## AIM OF THE TASK:
When a picture appears among the records, leave it out, and copy all else exactly.

▼▼▼

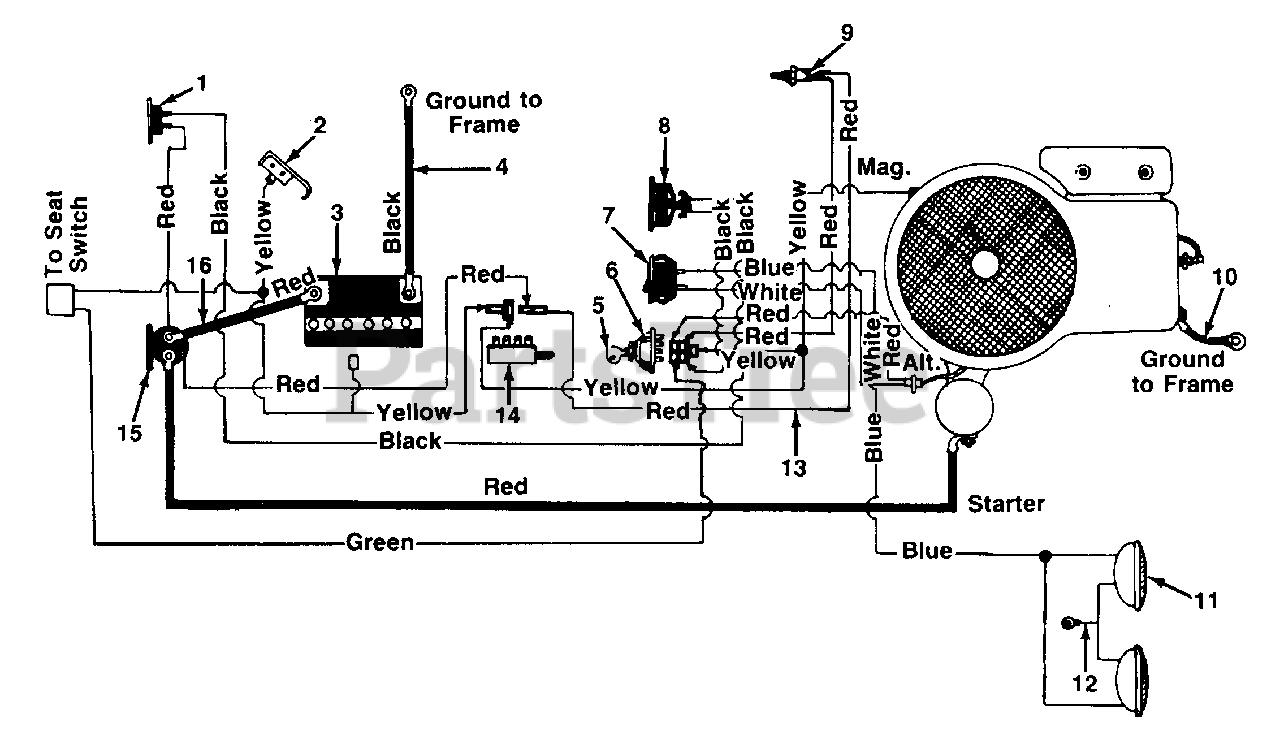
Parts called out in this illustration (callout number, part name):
1	Circuit Breaker
2	Spring Switch
3	2V-Battery
4	Grounding Wire 9.0" Lg.
5	Ignition Key
6	Ignition Switch
7	Headlight Switch
8	Ammeter
9	Safety Switch
10	Ground Wire 7.25" Lg.
11	Headlight
12	Ground Wire
13	Wire Harness
14	Safety Switch
15	Solenoid
16	Electric Wire w/ Boot

▲▲▲

## EXERCISE RESULT:
Parts called out in this illustration (callout number, part name):
1	Circuit Breaker
2	Spring Switch
3	2V-Battery
4	Grounding Wire 9.0" Lg.
5	Ignition Key
6	Ignition Switch
7	Headlight Switch
8	Ammeter
9	Safety Switch
10	Ground Wire 7.25" Lg.
11	Headlight
12	Ground Wire
13	Wire Harness
14	Safety Switch
15	Solenoid
16	Electric Wire w/ Boot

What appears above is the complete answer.